*Work request*: Filter the records below for the word "RECREATION". Keep each line that has it.

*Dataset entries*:
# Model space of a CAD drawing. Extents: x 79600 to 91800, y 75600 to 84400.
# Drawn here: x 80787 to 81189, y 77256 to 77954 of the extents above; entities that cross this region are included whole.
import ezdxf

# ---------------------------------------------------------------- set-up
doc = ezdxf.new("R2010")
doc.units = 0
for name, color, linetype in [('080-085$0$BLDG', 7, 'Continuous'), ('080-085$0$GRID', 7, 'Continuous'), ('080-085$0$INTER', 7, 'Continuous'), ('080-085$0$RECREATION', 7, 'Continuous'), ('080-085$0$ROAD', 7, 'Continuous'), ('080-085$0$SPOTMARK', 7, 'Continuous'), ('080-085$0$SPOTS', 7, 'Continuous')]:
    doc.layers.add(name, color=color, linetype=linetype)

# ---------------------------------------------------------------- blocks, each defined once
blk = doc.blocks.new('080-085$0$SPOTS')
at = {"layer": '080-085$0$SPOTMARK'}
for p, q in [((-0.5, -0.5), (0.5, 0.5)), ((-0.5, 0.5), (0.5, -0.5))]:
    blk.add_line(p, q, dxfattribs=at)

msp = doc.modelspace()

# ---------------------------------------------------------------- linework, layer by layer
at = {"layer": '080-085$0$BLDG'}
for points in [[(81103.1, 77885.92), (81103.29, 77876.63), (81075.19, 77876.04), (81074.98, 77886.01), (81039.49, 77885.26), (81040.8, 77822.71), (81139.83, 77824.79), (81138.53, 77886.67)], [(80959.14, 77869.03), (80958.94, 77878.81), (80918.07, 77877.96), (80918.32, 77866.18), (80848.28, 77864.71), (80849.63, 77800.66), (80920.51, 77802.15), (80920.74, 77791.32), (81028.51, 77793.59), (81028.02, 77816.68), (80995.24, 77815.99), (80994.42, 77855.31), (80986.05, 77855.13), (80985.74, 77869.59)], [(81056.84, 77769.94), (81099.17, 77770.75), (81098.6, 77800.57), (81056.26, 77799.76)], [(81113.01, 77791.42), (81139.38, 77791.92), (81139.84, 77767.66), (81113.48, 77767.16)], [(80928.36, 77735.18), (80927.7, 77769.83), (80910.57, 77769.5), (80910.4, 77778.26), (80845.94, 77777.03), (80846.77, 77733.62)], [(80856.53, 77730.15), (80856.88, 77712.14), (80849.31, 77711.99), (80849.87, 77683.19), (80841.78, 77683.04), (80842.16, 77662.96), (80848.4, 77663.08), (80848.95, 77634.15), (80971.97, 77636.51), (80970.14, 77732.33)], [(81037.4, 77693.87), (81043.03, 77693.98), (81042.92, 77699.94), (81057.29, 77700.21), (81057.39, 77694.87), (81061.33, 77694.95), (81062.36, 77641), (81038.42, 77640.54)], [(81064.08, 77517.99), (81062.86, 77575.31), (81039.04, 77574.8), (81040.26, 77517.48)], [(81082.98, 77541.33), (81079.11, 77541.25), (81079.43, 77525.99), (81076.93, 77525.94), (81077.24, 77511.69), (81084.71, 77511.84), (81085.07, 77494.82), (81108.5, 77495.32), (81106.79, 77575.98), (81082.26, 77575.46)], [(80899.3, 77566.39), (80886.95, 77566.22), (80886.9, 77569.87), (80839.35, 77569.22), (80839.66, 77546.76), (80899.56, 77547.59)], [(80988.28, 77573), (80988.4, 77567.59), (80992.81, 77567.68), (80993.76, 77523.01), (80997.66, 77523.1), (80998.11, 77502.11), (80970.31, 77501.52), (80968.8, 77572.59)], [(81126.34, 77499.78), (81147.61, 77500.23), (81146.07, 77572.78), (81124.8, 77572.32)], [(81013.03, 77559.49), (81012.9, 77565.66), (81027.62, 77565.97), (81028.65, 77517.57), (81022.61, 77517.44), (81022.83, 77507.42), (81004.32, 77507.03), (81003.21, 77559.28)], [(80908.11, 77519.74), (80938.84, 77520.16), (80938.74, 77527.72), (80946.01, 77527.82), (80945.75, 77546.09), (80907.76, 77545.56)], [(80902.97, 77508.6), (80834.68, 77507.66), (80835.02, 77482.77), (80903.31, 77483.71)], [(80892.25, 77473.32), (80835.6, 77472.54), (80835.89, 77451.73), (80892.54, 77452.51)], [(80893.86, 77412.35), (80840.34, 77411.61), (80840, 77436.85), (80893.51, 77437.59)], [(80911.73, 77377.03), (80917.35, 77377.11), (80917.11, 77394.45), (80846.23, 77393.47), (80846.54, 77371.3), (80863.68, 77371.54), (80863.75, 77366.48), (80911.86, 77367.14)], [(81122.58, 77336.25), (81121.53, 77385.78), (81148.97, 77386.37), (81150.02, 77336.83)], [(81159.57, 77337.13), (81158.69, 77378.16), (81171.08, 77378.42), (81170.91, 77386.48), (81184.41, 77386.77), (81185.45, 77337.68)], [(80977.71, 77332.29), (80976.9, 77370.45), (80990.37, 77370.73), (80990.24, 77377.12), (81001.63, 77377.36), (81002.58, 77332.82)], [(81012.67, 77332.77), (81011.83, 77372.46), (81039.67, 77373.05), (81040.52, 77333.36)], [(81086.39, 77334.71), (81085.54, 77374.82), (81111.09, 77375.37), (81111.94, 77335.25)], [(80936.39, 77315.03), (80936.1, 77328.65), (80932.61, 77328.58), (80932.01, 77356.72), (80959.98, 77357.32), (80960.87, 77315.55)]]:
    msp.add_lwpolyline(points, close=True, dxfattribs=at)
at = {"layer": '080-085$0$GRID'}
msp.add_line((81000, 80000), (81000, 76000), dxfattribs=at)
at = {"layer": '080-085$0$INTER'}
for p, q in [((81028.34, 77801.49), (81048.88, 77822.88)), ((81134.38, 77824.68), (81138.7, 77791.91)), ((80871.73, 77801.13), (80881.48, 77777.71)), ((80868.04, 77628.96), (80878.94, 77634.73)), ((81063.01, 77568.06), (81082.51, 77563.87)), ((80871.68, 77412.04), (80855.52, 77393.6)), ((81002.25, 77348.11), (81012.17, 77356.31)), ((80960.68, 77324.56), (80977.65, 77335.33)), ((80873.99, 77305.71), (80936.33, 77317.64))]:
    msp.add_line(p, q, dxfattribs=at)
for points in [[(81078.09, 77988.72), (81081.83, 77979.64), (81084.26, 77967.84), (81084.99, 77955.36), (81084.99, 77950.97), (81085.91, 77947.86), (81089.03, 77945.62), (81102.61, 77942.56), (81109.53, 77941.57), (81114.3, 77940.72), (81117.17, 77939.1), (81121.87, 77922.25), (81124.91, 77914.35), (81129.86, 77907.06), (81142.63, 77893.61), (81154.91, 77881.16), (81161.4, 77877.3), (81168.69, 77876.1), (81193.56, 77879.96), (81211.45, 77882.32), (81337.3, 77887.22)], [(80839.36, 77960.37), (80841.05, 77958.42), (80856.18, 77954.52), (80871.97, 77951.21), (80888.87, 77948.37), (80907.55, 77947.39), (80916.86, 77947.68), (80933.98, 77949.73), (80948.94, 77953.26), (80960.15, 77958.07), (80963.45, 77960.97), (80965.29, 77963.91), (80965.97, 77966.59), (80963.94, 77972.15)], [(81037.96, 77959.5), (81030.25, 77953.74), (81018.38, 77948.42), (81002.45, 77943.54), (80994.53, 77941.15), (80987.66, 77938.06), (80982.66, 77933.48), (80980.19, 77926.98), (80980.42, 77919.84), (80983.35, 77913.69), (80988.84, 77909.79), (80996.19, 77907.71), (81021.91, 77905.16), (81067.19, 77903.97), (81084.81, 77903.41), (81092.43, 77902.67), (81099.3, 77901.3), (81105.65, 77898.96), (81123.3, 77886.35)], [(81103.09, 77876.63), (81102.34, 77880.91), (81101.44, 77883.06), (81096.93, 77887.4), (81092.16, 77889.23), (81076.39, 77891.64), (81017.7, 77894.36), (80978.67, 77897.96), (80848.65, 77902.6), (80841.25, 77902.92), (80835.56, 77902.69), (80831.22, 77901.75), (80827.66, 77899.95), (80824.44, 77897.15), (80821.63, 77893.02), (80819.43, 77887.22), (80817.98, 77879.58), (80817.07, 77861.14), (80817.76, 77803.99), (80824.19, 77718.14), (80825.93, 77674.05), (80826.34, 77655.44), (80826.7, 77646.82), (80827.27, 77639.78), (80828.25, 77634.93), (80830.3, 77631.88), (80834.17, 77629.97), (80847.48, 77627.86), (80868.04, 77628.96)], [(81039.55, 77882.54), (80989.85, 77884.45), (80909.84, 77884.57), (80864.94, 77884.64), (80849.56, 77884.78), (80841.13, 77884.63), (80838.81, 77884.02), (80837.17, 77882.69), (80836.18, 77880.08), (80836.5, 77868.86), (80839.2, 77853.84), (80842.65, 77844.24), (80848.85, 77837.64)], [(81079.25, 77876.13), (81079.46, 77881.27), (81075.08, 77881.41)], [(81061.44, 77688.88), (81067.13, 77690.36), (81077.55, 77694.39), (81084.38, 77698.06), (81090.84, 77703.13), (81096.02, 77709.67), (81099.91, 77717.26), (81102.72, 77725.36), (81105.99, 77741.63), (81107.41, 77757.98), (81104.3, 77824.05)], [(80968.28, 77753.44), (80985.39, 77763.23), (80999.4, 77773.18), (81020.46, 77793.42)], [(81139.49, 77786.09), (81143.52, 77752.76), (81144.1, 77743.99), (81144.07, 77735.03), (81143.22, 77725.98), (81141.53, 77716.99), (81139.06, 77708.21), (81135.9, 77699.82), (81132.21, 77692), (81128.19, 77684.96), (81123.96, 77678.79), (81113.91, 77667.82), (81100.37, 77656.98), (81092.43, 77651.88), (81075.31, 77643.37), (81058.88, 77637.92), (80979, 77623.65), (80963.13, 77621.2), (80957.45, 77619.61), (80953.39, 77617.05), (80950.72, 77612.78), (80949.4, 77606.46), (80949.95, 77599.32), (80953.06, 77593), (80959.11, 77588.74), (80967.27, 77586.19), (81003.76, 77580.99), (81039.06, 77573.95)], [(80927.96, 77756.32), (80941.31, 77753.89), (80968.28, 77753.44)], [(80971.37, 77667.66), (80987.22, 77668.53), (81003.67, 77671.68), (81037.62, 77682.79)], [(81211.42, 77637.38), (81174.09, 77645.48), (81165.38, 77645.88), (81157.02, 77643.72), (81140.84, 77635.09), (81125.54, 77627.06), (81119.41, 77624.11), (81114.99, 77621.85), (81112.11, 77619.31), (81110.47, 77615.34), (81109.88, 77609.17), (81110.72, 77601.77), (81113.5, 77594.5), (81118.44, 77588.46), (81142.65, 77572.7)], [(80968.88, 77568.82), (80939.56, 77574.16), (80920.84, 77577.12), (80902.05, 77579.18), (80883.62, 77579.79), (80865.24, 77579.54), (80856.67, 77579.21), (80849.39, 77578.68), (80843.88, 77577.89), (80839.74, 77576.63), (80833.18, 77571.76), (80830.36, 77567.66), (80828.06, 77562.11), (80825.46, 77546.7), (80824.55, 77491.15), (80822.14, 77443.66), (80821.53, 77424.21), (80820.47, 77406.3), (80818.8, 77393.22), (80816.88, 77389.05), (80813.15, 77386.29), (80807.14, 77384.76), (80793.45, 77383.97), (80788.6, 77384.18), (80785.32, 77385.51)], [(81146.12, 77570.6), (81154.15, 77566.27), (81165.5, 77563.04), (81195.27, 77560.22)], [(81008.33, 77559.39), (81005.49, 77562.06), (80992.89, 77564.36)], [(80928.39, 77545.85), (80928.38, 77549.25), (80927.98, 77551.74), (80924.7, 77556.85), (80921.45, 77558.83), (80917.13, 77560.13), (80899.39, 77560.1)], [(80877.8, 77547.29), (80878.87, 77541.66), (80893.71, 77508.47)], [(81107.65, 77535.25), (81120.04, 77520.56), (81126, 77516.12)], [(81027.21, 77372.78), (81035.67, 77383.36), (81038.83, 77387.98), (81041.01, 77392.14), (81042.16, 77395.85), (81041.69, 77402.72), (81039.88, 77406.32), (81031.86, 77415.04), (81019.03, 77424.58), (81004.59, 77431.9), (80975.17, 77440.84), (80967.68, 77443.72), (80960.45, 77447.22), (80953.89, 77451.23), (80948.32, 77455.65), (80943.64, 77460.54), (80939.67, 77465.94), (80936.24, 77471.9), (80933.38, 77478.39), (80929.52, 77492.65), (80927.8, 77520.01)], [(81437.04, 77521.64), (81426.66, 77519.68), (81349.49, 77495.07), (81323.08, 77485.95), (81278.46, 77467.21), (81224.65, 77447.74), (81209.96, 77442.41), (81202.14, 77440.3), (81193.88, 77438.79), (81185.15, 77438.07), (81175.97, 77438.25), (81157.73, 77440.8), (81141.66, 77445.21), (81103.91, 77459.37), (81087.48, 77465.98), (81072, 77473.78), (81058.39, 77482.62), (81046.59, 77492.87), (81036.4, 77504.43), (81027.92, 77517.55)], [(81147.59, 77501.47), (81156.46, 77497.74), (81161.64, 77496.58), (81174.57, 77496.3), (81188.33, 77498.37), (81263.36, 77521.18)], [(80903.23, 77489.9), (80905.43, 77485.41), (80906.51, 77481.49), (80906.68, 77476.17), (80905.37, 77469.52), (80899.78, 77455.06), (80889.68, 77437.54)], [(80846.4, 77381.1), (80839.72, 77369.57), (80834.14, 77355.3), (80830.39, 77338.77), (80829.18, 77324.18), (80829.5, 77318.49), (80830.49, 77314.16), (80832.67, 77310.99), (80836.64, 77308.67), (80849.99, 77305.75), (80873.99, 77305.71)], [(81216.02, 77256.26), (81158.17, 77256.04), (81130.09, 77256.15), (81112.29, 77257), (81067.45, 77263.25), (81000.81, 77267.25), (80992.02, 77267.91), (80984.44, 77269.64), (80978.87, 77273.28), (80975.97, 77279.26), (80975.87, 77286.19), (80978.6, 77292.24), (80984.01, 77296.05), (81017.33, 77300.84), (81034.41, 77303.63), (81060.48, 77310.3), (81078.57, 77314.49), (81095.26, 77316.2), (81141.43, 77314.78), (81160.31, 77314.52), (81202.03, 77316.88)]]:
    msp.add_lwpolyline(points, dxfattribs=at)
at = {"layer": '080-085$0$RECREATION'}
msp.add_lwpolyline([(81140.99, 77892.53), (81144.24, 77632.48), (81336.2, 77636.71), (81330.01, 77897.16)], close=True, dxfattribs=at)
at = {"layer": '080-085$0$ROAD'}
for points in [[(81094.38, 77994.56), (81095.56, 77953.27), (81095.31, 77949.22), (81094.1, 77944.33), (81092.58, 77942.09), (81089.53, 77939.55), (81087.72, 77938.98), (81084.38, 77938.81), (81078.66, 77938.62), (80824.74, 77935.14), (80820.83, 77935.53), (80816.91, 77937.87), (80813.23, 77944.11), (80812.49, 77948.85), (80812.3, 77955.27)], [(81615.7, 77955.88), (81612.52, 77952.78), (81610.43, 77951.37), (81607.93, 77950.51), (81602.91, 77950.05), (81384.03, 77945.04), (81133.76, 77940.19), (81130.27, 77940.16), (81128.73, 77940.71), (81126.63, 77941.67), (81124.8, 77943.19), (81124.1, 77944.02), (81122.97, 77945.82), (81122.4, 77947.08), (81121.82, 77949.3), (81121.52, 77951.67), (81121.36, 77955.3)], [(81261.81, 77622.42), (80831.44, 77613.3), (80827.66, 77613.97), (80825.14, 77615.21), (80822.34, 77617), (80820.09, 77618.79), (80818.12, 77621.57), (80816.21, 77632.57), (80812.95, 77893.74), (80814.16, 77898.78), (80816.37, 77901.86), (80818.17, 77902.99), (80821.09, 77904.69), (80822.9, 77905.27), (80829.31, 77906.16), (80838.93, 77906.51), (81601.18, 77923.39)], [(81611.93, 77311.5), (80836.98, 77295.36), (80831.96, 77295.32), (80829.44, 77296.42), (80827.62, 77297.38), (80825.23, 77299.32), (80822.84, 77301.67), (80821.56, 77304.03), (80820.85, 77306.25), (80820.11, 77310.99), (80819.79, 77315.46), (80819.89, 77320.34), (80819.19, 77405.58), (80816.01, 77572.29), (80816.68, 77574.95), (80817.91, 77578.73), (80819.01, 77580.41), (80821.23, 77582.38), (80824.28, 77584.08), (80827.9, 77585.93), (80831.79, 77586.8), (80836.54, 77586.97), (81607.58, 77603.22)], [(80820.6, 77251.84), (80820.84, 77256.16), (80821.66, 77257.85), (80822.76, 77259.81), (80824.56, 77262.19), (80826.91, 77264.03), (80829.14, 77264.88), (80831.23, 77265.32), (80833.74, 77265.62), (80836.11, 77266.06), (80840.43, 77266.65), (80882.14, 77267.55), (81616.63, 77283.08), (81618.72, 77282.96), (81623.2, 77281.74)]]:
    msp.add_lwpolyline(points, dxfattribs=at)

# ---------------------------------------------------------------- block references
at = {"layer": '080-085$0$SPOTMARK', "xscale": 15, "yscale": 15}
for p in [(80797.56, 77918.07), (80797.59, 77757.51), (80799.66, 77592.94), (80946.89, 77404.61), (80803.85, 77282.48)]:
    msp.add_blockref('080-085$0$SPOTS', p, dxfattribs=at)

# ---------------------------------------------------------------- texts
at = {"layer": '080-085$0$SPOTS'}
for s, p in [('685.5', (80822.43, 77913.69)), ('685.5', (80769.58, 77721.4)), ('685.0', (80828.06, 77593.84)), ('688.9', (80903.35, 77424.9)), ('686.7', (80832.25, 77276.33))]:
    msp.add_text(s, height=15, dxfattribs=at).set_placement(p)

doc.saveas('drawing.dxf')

*Answer to this problem*:
for name, color, linetype in [('080-085$0$BLDG', 7, 'Continuous'), ('080-085$0$GRID', 7, 'Continuous'), ('080-085$0$INTER', 7, 'Continuous'), ('080-085$0$RECREATION', 7, 'Continuous'), ('080-085$0$ROAD', 7, 'Continuous'), ('080-085$0$SPOTMARK', 7, 'Continuous'), ('080-085$0$SPOTS', 7, 'Continuous')]:
at = {"layer": '080-085$0$RECREATION'}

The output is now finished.